The EnSite Precision
™ system employs a combination of both magnetic and impedance field data to allow EAM and real-time localization of multiple catheters, with the capability to map any cardiac chamber with any catheter. The use of magnetic points with Sensor Enabled
™ catheters serves to correct impedance distortion and helps to maintain the anatomic accuracy of the geometry in the map. Using a combination of both impedance and electromagnetic technologies, the system achieves a coordinate system accuracy of 2 mm.
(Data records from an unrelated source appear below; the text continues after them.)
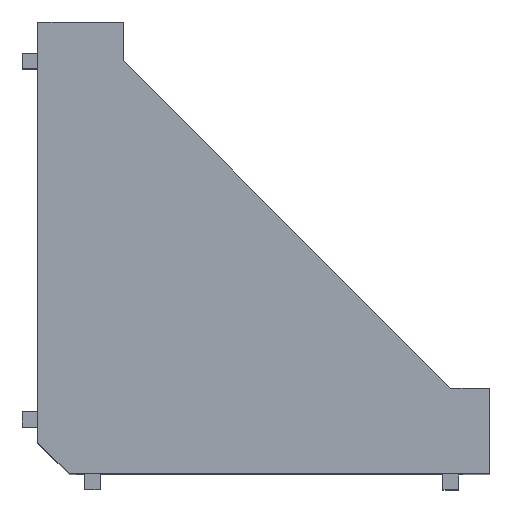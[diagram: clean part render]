
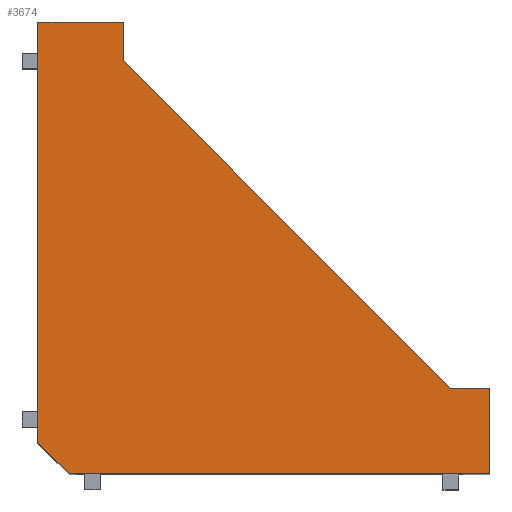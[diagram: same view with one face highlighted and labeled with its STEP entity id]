
A CAD part, top view. The second image highlights one B-rep face of the part: STEP entity #3674.
In plain terms, the highlighted planar face has unit normal (0, 0, 1).
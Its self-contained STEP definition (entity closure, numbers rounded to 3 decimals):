
#46 = VERTEX_POINT ( 'NONE', #2095 ) ;
#53 = CARTESIAN_POINT ( 'NONE',  ( 11., 58., 29. ) ) ;
#196 = VERTEX_POINT ( 'NONE', #448 ) ;
#232 = EDGE_CURVE ( 'NONE', #2871, #196, #1325, .T. ) ;
#244 = CARTESIAN_POINT ( 'NONE',  ( 11., 53., 29. ) ) ;
#271 = CARTESIAN_POINT ( 'NONE',  ( 0., 58., 29. ) ) ;
#305 = ORIENTED_EDGE ( 'NONE', *, *, #2135, .T. ) ;
#356 = CARTESIAN_POINT ( 'NONE',  ( 11., 58., 29. ) ) ;
#440 = EDGE_CURVE ( 'NONE', #2054, #2609, #2718, .T. ) ;
#448 = CARTESIAN_POINT ( 'NONE',  ( 58., 11., 29. ) ) ;
#455 = CARTESIAN_POINT ( 'NONE',  ( 0., 4., 29. ) ) ;
#475 = DIRECTION ( 'NONE',  ( 0., 1., 0. ) ) ;
#513 = LINE ( 'NONE', #53, #3858 ) ;
#644 = VERTEX_POINT ( 'NONE', #356 ) ;
#682 = LINE ( 'NONE', #244, #3402 ) ;
#734 = ORIENTED_EDGE ( 'NONE', *, *, #2442, .T. ) ;
#804 = EDGE_CURVE ( 'NONE', #2371, #644, #513, .T. ) ;
#937 = CARTESIAN_POINT ( 'NONE',  ( 58., 5., 29. ) ) ;
#1007 = ORIENTED_EDGE ( 'NONE', *, *, #440, .T. ) ;
#1028 = VECTOR ( 'NONE', #475, 1000. ) ;
#1110 = FACE_OUTER_BOUND ( 'NONE', #2163, .T. ) ;
#1225 = DIRECTION ( 'NONE',  ( 0., -1., 0. ) ) ;
#1325 = LINE ( 'NONE', #937, #1028 ) ;
#1337 = ORIENTED_EDGE ( 'NONE', *, *, #1714, .T. ) ;
#1461 = ORIENTED_EDGE ( 'NONE', *, *, #2939, .T. ) ;
#1634 = CARTESIAN_POINT ( 'NONE',  ( 0., 0., 29. ) ) ;
#1693 = DIRECTION ( 'NONE',  ( -1., 0., 0. ) ) ;
#1714 = EDGE_CURVE ( 'NONE', #644, #46, #2530, .T. ) ;
#1781 = VERTEX_POINT ( 'NONE', #4071 ) ;
#1818 = VECTOR ( 'NONE', #1225, 1000. ) ;
#1904 = DIRECTION ( 'NONE',  ( 0.707, -0.707, 0. ) ) ;
#2027 = VECTOR ( 'NONE', #3220, 1000. ) ;
#2033 = VECTOR ( 'NONE', #1693, 1000. ) ;
#2041 = CARTESIAN_POINT ( 'NONE',  ( 58., 0., 29. ) ) ;
#2049 = LINE ( 'NONE', #1634, #1818 ) ;
#2054 = VERTEX_POINT ( 'NONE', #455 ) ;
#2095 = CARTESIAN_POINT ( 'NONE',  ( 0., 58., 29. ) ) ;
#2117 = CARTESIAN_POINT ( 'NONE',  ( 0., 58., 29. ) ) ;
#2135 = EDGE_CURVE ( 'NONE', #196, #1781, #3611, .T. ) ;
#2163 = EDGE_LOOP ( 'NONE', ( #734, #1007, #3330, #2478, #305, #1461, #3618, #1337 ) ) ;
#2302 = CARTESIAN_POINT ( 'NONE',  ( 0., 4., 29. ) ) ;
#2371 = VERTEX_POINT ( 'NONE', #3157 ) ;
#2442 = EDGE_CURVE ( 'NONE', #46, #2054, #2049, .T. ) ;
#2478 = ORIENTED_EDGE ( 'NONE', *, *, #232, .T. ) ;
#2530 = LINE ( 'NONE', #2117, #2033 ) ;
#2574 = AXIS2_PLACEMENT_3D ( 'NONE', #271, #3906, #3502 ) ;
#2609 = VERTEX_POINT ( 'NONE', #3606 ) ;
#2667 = EDGE_CURVE ( 'NONE', #2609, #2871, #4033, .T. ) ;
#2718 = LINE ( 'NONE', #2302, #3504 ) ;
#2737 = VECTOR ( 'NONE', #2806, 1000. ) ;
#2806 = DIRECTION ( 'NONE',  ( -1., 0., 0. ) ) ;
#2871 = VERTEX_POINT ( 'NONE', #2041 ) ;
#2882 = PLANE ( 'NONE',  #2574 ) ;
#2939 = EDGE_CURVE ( 'NONE', #1781, #2371, #682, .T. ) ;
#3157 = CARTESIAN_POINT ( 'NONE',  ( 11., 53., 29. ) ) ;
#3201 = CARTESIAN_POINT ( 'NONE',  ( 53., 11., 29. ) ) ;
#3220 = DIRECTION ( 'NONE',  ( 1., 0., 0. ) ) ;
#3330 = ORIENTED_EDGE ( 'NONE', *, *, #2667, .T. ) ;
#3402 = VECTOR ( 'NONE', #3880, 1000. ) ;
#3502 = DIRECTION ( 'NONE',  ( -1., 0., 0. ) ) ;
#3504 = VECTOR ( 'NONE', #1904, 1000. ) ;
#3606 = CARTESIAN_POINT ( 'NONE',  ( 4., 0., 29. ) ) ;
#3611 = LINE ( 'NONE', #3201, #2737 ) ;
#3618 = ORIENTED_EDGE ( 'NONE', *, *, #804, .T. ) ;
#3625 = CARTESIAN_POINT ( 'NONE',  ( 58., 0., 29. ) ) ;
#3674 = ADVANCED_FACE ( 'NONE', ( #1110 ), #2882, .F. ) ;
#3735 = DIRECTION ( 'NONE',  ( 0., 1., 0. ) ) ;
#3858 = VECTOR ( 'NONE', #3735, 1000. ) ;
#3880 = DIRECTION ( 'NONE',  ( -0.707, 0.707, 0. ) ) ;
#3906 = DIRECTION ( 'NONE',  ( 0., 0., -1. ) ) ;
#4033 = LINE ( 'NONE', #3625, #2027 ) ;
#4071 = CARTESIAN_POINT ( 'NONE',  ( 53., 11., 29. ) ) ;

The simultaneous collection of anatomic and electrical points from multiple electrodes leads to a significantly faster point collection vs. manual mapping [
29] and superiority in high point density through the creation of 3-D models [
30]. According to our first experience, the system is feasible and safe to use for a zero-fluoroscopic approach of SVTs, which results in a significant reduction of radiation exposure to the patients and staff both.